Cette opération devrait créer plus de 150 emplois à Birmingham et en maintenir 190 autres à travers le pays. Le contrat prévoit la conversion de deux avions de ligne Boeing 737 en prototypes d’avions de surveillance et d’alerte avancée E-7A Wedgetail destinés à l’US Air Force. Le ministère de la Défense indique que ce projet générera plus de 36 millions de livres sterling pour l’économie britannique.

John Healey, secrétaire à la Défense, a déclaré : « Les relations entre le Royaume-Uni et les États-Unis n’ont jamais été aussi solides, et ce nouveau contrat avec Boeing crée et soutient des centaines d’emplois à travers le pays – faisant de la défense un moteur de croissance tout en renforçant notre sécurité collective. »

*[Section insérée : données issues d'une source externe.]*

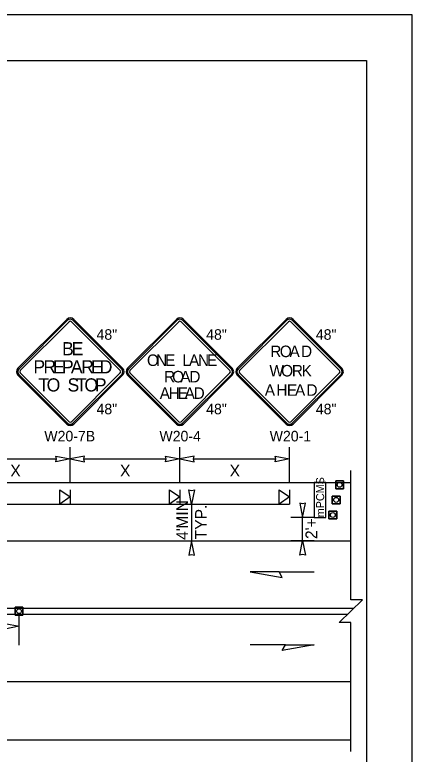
# Model space of a CAD drawing. Extents: x 99999.1 to 100095.7, y 99995 to 100010.7.
# Drawn here: x 100053.34 to 100056.06, y 100005.63 to 100010.69 of the extents above; entities that cross this region are included whole.
import ezdxf

# ---------------------------------------------------------------- set-up
doc = ezdxf.new("R2010")
doc.units = 0
for name, color, linetype in [('RD_ED_ShoulderPavedEdge', 7, 'Continuous'), ('RD_MK_LineDblYellowCenter', 7, 'Continuous'), ('RD_MK_LineEdgeWhite', 7, 'Continuous'), ('SH_GI_PlotLimits', 7, 'Continuous'), ('SH_GI_SheetBorder', 7, 'Continuous'), ('TR_SN_ConstructionSigns', 7, 'Continuous'), ('TR_WZ_PCMS', 7, 'Continuous'), ('TR_WZ_PortableSignMountBlk-Org', 7, 'Continuous'), ('TR_WZ_TrafficCone', 7, 'Continuous'), ('TR_WZ_WorkZoneDetails', 7, 'Continuous'), ('TR_WZ_WorkZoneTextCurrent', 7, 'Continuous')]:
    doc.layers.add(name, color=color, linetype=linetype)

msp = doc.modelspace()

# ---------------------------------------------------------------- linework, layer by layer
at = {"layer": 'RD_ED_ShoulderPavedEdge'}
for p, q in [((100040.1076, 100007.4923), (100055.6424, 100007.4923)), ((100040.1076, 100005.7323), (100055.6424, 100005.7323))]:
    msp.add_line(p, q, dxfattribs=at)
at = {"layer": 'RD_MK_LineDblYellowCenter'}
for p, q in [((100052.2733, 100006.6323), (100055.6631, 100006.6323)), ((100052.2733, 100006.5923), (100055.6218, 100006.5923))]:
    msp.add_line(p, q, dxfattribs=at)
at = {"layer": 'RD_MK_LineEdgeWhite'}
for p, q in [((100040.1076, 100007.0923), (100055.6424, 100007.0923)), ((100040.1076, 100006.1323), (100055.6424, 100006.1323))]:
    msp.add_line(p, q, dxfattribs=at)
at = {"layer": 'SH_GI_PlotLimits'}
msp.add_lwpolyline([(100039.0625, 99999.6875), (100056.0625, 99999.6875), (100056.0625, 100010.6875), (100039.0625, 100010.6875)], close=True, dxfattribs=at)
at = {"layer": 'SH_GI_SheetBorder'}
for p, q in [((100040, 100010.375), (100055.75, 100010.375)), ((100055.75, 100010.375), (100055.75, 100000))]:
    msp.add_line(p, q, dxfattribs=at)
at = {"layer": 'TR_SN_ConstructionSigns'}
for p, q in [((100053.6995, 100008.6062), (100053.3654, 100008.2721)), ((100053.7055, 100008.6002), (100053.3713, 100008.2661)), ((100054.0754, 100008.2661), (100053.7412, 100008.6002)), ((100054.0813, 100008.2721), (100053.7472, 100008.6062)), ((100054.4495, 100008.6062), (100054.1154, 100008.2721)), ((100054.4555, 100008.6002), (100054.1213, 100008.2661)), ((100054.8254, 100008.2661), (100054.4912, 100008.6002)), ((100054.8313, 100008.2721), (100054.4972, 100008.6062)), ((100055.1995, 100008.6062), (100054.8654, 100008.2721)), ((100055.2055, 100008.6002), (100054.8713, 100008.2661)), ((100055.5754, 100008.2661), (100055.2412, 100008.6002)), ((100055.5813, 100008.2721), (100055.2472, 100008.6062)), ((100053.3813, 100008.2561), (100053.7154, 100008.5903)), ((100053.7313, 100008.5903), (100054.0654, 100008.2561)), ((100054.1313, 100008.2561), (100054.4654, 100008.5903)), ((100054.4813, 100008.5903), (100054.8154, 100008.2561)), ((100054.8813, 100008.2561), (100055.2154, 100008.5903)), ((100055.2313, 100008.5903), (100055.5654, 100008.2561)), ((100053.3654, 100008.2243), (100053.6995, 100007.8902)), ((100053.3713, 100008.2303), (100053.7055, 100007.8962)), ((100053.7154, 100007.9061), (100053.3813, 100008.2402)), ((100054.0654, 100008.2402), (100053.7313, 100007.9061)), ((100053.7412, 100007.8962), (100054.0754, 100008.2303)), ((100053.7472, 100007.8902), (100054.0813, 100008.2243)), ((100054.1154, 100008.2243), (100054.4495, 100007.8902)), ((100054.1213, 100008.2303), (100054.4555, 100007.8962)), ((100054.4654, 100007.9061), (100054.1313, 100008.2402)), ((100054.8154, 100008.2402), (100054.4813, 100007.9061)), ((100054.4912, 100007.8962), (100054.8254, 100008.2303)), ((100054.4972, 100007.8902), (100054.8313, 100008.2243)), ((100054.8654, 100008.2243), (100055.1995, 100007.8902)), ((100054.8713, 100008.2303), (100055.2055, 100007.8962)), ((100055.2154, 100007.9061), (100054.8813, 100008.2402)), ((100055.5654, 100008.2402), (100055.2313, 100007.9061)), ((100055.2412, 100007.8962), (100055.5754, 100008.2303)), ((100055.2472, 100007.8902), (100055.5813, 100008.2243))]:
    msp.add_line(p, q, dxfattribs=at)
for centre, radius, start, end in [((100053.7233, 100008.5823), 0.0338, 45, 135), ((100053.7233, 100008.5823), 0.0253, 45, 135), ((100054.4733, 100008.5823), 0.0338, 45, 135), ((100054.4733, 100008.5823), 0.0253, 45, 135), ((100055.2233, 100008.5823), 0.0338, 45, 135), ((100055.2233, 100008.5823), 0.0253, 45, 135), ((100053.7233, 100008.5823), 0.0113, 45, 135), ((100054.4733, 100008.5823), 0.0113, 45, 135), ((100055.2233, 100008.5823), 0.0113, 45, 135), ((100053.3892, 100008.2482), 0.0338, 135, 225), ((100053.3892, 100008.2482), 0.0253, 135, 225), ((100053.3892, 100008.2482), 0.0113, 135, 225), ((100054.0575, 100008.2482), 0.0113, 315, 45), ((100054.0575, 100008.2482), 0.0253, 315, 45), ((100054.0575, 100008.2482), 0.0338, 315, 45), ((100054.1392, 100008.2482), 0.0338, 135, 225), ((100054.1392, 100008.2482), 0.0253, 135, 225), ((100054.1392, 100008.2482), 0.0113, 135, 225), ((100054.8075, 100008.2482), 0.0113, 315, 45), ((100054.8075, 100008.2482), 0.0253, 315, 45), ((100054.8075, 100008.2482), 0.0338, 315, 45), ((100054.8892, 100008.2482), 0.0338, 135, 225), ((100054.8892, 100008.2482), 0.0253, 135, 225), ((100054.8892, 100008.2482), 0.0113, 135, 225), ((100055.5575, 100008.2482), 0.0113, 315, 45), ((100055.5575, 100008.2482), 0.0253, 315, 45), ((100055.5575, 100008.2482), 0.0338, 315, 45), ((100053.7233, 100007.9141), 0.0338, 225, 315), ((100053.7233, 100007.9141), 0.0253, 225, 315), ((100053.7233, 100007.9141), 0.0113, 225, 315), ((100054.4733, 100007.9141), 0.0338, 225, 315), ((100054.4733, 100007.9141), 0.0253, 225, 315), ((100054.4733, 100007.9141), 0.0113, 225, 315), ((100055.2233, 100007.9141), 0.0338, 225, 315), ((100055.2233, 100007.9141), 0.0253, 225, 315), ((100055.2233, 100007.9141), 0.0113, 225, 315)]:
    msp.add_arc(centre, radius, start, end, dxfattribs=at)
at = {"layer": 'TR_WZ_PCMS'}
msp.add_lwpolyline([(100055.4724, 100007.2523), (100055.4724, 100007.4923), (100055.3924, 100007.4923), (100055.3924, 100007.2523)], close=True, dxfattribs=at)
msp.add_lwpolyline([(100055.4724, 100007.2523), (100055.4724, 100007.4923), (100055.3924, 100007.4923), (100055.3924, 100007.2523), (100055.4724, 100007.2523)], dxfattribs=at)
at = {"layer": 'TR_WZ_PortableSignMountBlk-Org'}
for p, q in [((100053.7233, 100007.4422), (100053.7233, 100007.3422)), ((100054.4733, 100007.4422), (100054.4733, 100007.3422)), ((100055.2233, 100007.4422), (100055.2233, 100007.3422))]:
    msp.add_line(p, q, dxfattribs=at)
for points in [[(100053.7233, 100007.3923), (100053.6515, 100007.3422), (100053.6515, 100007.4422)], [(100054.4733, 100007.3923), (100054.4015, 100007.3422), (100054.4015, 100007.4422)], [(100055.2233, 100007.3923), (100055.1515, 100007.3422), (100055.1515, 100007.4422)]]:
    msp.add_lwpolyline(points, close=True, dxfattribs=at)
at = {"layer": 'TR_WZ_TrafficCone'}
for points in [[(100055.5924, 100007.449), (100055.5391, 100007.449), (100055.5391, 100007.5023), (100055.5924, 100007.5023), (100055.5924, 100007.449)], [(100055.5924, 100007.5023), (100055.5391, 100007.5023), (100055.5391, 100007.449), (100055.5924, 100007.449), (100055.5924, 100007.5023)], [(100055.5691, 100007.3457), (100055.5158, 100007.3457), (100055.5158, 100007.399), (100055.5691, 100007.399), (100055.5691, 100007.3457)], [(100055.5691, 100007.399), (100055.5158, 100007.399), (100055.5158, 100007.3457), (100055.5691, 100007.3457), (100055.5691, 100007.399)], [(100055.5458, 100007.2423), (100055.4924, 100007.2423), (100055.4924, 100007.2957), (100055.5458, 100007.2957), (100055.5458, 100007.2423)], [(100055.5458, 100007.2957), (100055.4924, 100007.2957), (100055.4924, 100007.2423), (100055.5458, 100007.2423), (100055.5458, 100007.2957)], [(100053.4, 100006.5857), (100053.3467, 100006.5857), (100053.3467, 100006.639), (100053.4, 100006.639), (100053.4, 100006.5857)], [(100053.4, 100006.639), (100053.3467, 100006.639), (100053.3467, 100006.5857), (100053.4, 100006.5857), (100053.4, 100006.639)]]:
    msp.add_lwpolyline(points, dxfattribs=at)
for centre in [(100055.5658, 100007.4757), (100055.5424, 100007.3723), (100055.5191, 100007.269), (100053.3733, 100006.6123)]:
    msp.add_circle(centre, 0.0167, dxfattribs=at)
at = {"layer": 'TR_WZ_WorkZoneDetails'}
for p, q in [((100053.7233, 100007.4923), (100053.7233, 100007.7323)), ((100054.4733, 100007.4923), (100054.4733, 100007.7323)), ((100055.2233, 100007.4921), (100055.2233, 100007.7323)), ((100053.0671, 100007.6523), (100053.6296, 100007.6523)), ((100053.8171, 100007.6523), (100054.3796, 100007.6523)), ((100054.5671, 100007.6523), (100055.1296, 100007.6523)), ((100052.2233, 100007.3422), (100055.2233, 100007.3422)), ((100054.4733, 100007.3422), (100054.6333, 100007.3422)), ((100054.5533, 100007.3422), (100054.5533, 100007.0923)), ((100055.3924, 100007.2523), (100055.2324, 100007.2523)), ((100055.3124, 100007.0923), (100055.3124, 100007.2523)), ((100054.4733, 100007.0923), (100054.6333, 100007.0923)), ((100055.3924, 100007.0923), (100055.2324, 100007.0923)), ((100055.1513, 100006.8816), (100055.3924, 100006.8816)), ((100053.3733, 100006.379), (100053.3733, 100006.589)), ((100055.1959, 100006.3816), (100054.9548, 100006.3816))]:
    msp.add_line(p, q, dxfattribs=at)
for points in [[(100053.7233, 100007.6523), (100053.6251, 100007.6331), (100053.6296, 100007.6523), (100053.6251, 100007.6716)], [(100053.7233, 100007.6523), (100053.8216, 100007.6331), (100053.8171, 100007.6523), (100053.8216, 100007.6716)], [(100054.4733, 100007.6523), (100054.3751, 100007.6331), (100054.3796, 100007.6523), (100054.3751, 100007.6716)], [(100054.4733, 100007.6523), (100054.5716, 100007.6331), (100054.5671, 100007.6523), (100054.5716, 100007.6716)], [(100055.2233, 100007.6523), (100055.1251, 100007.6331), (100055.1296, 100007.6523), (100055.1251, 100007.6716)], [(100054.5533, 100007.3422), (100054.5341, 100007.4405), (100054.5533, 100007.436), (100054.5726, 100007.4405)], [(100055.3124, 100007.2523), (100055.3317, 100007.3506), (100055.3124, 100007.3461), (100055.2932, 100007.3506)], [(100054.5533, 100007.0923), (100054.5341, 100006.9941), (100054.5533, 100006.9986), (100054.5726, 100006.9941)], [(100055.3124, 100007.0923), (100055.3317, 100006.9941), (100055.3124, 100006.9986), (100055.2932, 100006.9941)], [(100054.9548, 100006.8816), (100055.1736, 100006.843), (100055.1513, 100006.8816)], [(100053.3733, 100006.509), (100053.2751, 100006.4897), (100053.2796, 100006.509), (100053.2751, 100006.5283)], [(100055.3924, 100006.3816), (100055.1736, 100006.343), (100055.1959, 100006.3816)]]:
    msp.add_lwpolyline(points, close=True, dxfattribs=at)
msp.add_lwpolyline([(100055.6424, 100005.6523), (100055.6424, 100006.5349), (100055.5624, 100006.5349), (100055.7225, 100006.6898), (100055.6424, 100006.6898), (100055.6424, 100007.5723)], dxfattribs=at)

# ---------------------------------------------------------------- texts
at = {"layer": 'TR_SN_ConstructionSigns'}
for s, p in [('48"', (100053.9031, 100008.4667)), ('48"', (100054.6531, 100008.4667)), ('48"', (100055.4031, 100008.4667)), ('48"', (100053.9031, 100007.9576)), ('48"', (100054.6531, 100007.9576)), ('48"', (100055.4031, 100007.9576)), ('W20-7B', (100053.546, 100007.7723)), ('W20-4', (100054.3334, 100007.7723)), ('W20-1', (100055.0875, 100007.7723))]:
    msp.add_text(s, height=0.072, rotation=360, dxfattribs=at).set_placement(p)
for s, height, p in [('B', 0.09, (100053.6675, 100008.3607)), ('E', 0.09, (100053.7332, 100008.3607)), ('R', 0.0788, (100055.0914, 100008.348)), ('O', 0.0788, (100055.1568, 100008.348)), ('A', 0.0788, (100055.223, 100008.348)), ('D', 0.0788, (100055.3017, 100008.348)), ('O', 0.0787, (100054.2481, 100008.2876)), ('N', 0.0787, (100054.3103, 100008.2876)), ('E', 0.0787, (100054.3718, 100008.2876)), ('L', 0.0787, (100054.4907, 100008.2876)), ('A', 0.0787, (100054.5356, 100008.2876)), ('N', 0.0787, (100054.597, 100008.2876)), ('E', 0.0787, (100054.6584, 100008.2876)), ('P', 0.09, (100053.4713, 100008.2369)), ('R', 0.09, (100053.5397, 100008.2369)), ('E', 0.09, (100053.6054, 100008.2369)), ('P', 0.09, (100053.6666, 100008.2369)), ('A', 0.09, (100053.7278, 100008.2369)), ('R', 0.09, (100053.798, 100008.2369)), ('E', 0.09, (100053.8637, 100008.2369)), ('D', 0.09, (100053.9249, 100008.2369)), ('W', 0.0788, (100055.0855, 100008.2158)), ('O', 0.0788, (100055.1659, 100008.2158)), ('R', 0.0788, (100055.2391, 100008.2158)), ('K', 0.0788, (100055.306, 100008.2158)), ('R', 0.0787, (100054.3647, 100008.1751)), ('O', 0.0787, (100054.4206, 100008.1751)), ('A', 0.0787, (100054.4765, 100008.1751)), ('D', 0.0787, (100054.5379, 100008.1751)), ('T', 0.09, (100053.5051, 100008.1132)), ('O', 0.09, (100053.5618, 100008.1132)), ('S', 0.09, (100053.7049, 100008.1132)), ('T', 0.09, (100053.7634, 100008.1132)), ('O', 0.09, (100053.8201, 100008.1132)), ('P', 0.09, (100053.8912, 100008.1132)), ('A', 0.0788, (100055.054, 100008.0837)), ('H', 0.0788, (100055.1328, 100008.0837)), ('E', 0.0788, (100055.2052, 100008.0837)), ('A', 0.0788, (100055.2604, 100008.0837)), ('D', 0.0788, (100055.3391, 100008.0837)), ('A', 0.0787, (100054.3355, 100008.0626)), ('H', 0.0787, (100054.397, 100008.0626)), ('E', 0.0787, (100054.4584, 100008.0626)), ('A', 0.0787, (100054.5056, 100008.0626)), ('D', 0.0787, (100054.5671, 100008.0626))]:
    msp.add_text(s, height=height, dxfattribs=at).set_placement(p)
at = {"layer": 'TR_WZ_PCMS'}
msp.add_text('mPCMS', height=0.055, rotation=90, dxfattribs=at).set_placement((100055.4599, 100007.2538))
at = {"layer": 'TR_WZ_WorkZoneTextCurrent'}
for p in [(100053.3136, 100007.5323), (100054.0636, 100007.5323), (100054.8136, 100007.5323)]:
    msp.add_text('X', height=0.08, dxfattribs=at).set_placement(p)
for s, p in [('MIN', (100054.5293, 100007.1754)), ('TYP.', (100054.6573, 100007.1026)), ("2'+", (100055.4124, 100007.1046)), ("4'", (100054.5293, 100007.0989))]:
    msp.add_text(s, height=0.08, rotation=90, dxfattribs=at).set_placement(p)

doc.saveas('drawing.dxf')

Le Royaume-Uni a déjà commandé trois appareils Wedgetail pour la Royal Air Force, dont l’entrée en service est prévue en 2026. L’E-7 est équipé d’un radar et de capteurs avancés capables de détecter des aéronefs hostiles, des missiles ou des drones à plus de 480 kilomètres de distance.

Le programme soutient actuellement 190 emplois en Grande-Bretagne, dont 130 à Birmingham. L’expansion des activités de Boeing ajoutera ces nouveaux postes lors du début des travaux sur les deux appareils destinés aux États-Unis. Plus de 40 fournisseurs basés au Royaume-Uni sont déjà impliqués, notamment ceux qui appuient les nouvelles installations mises en place à la base aérienne de RAF Lossiemouth.

Selon le ministère de la Défense, cette annonce suit le lancement de la Stratégie industrielle de défense, qui prévoit 250 millions de livres pour de nouveaux accords de croissance et 182 millions pour des programmes de formation aux compétences.

La flotte d’E-7 Wedgetail servira aussi bien les forces britanniques qu’américaines, le ministère insistant sur le fait que ces systèmes partagés amélioreront l’interopérabilité et renforceront le partenariat transatlantique en matière de défense.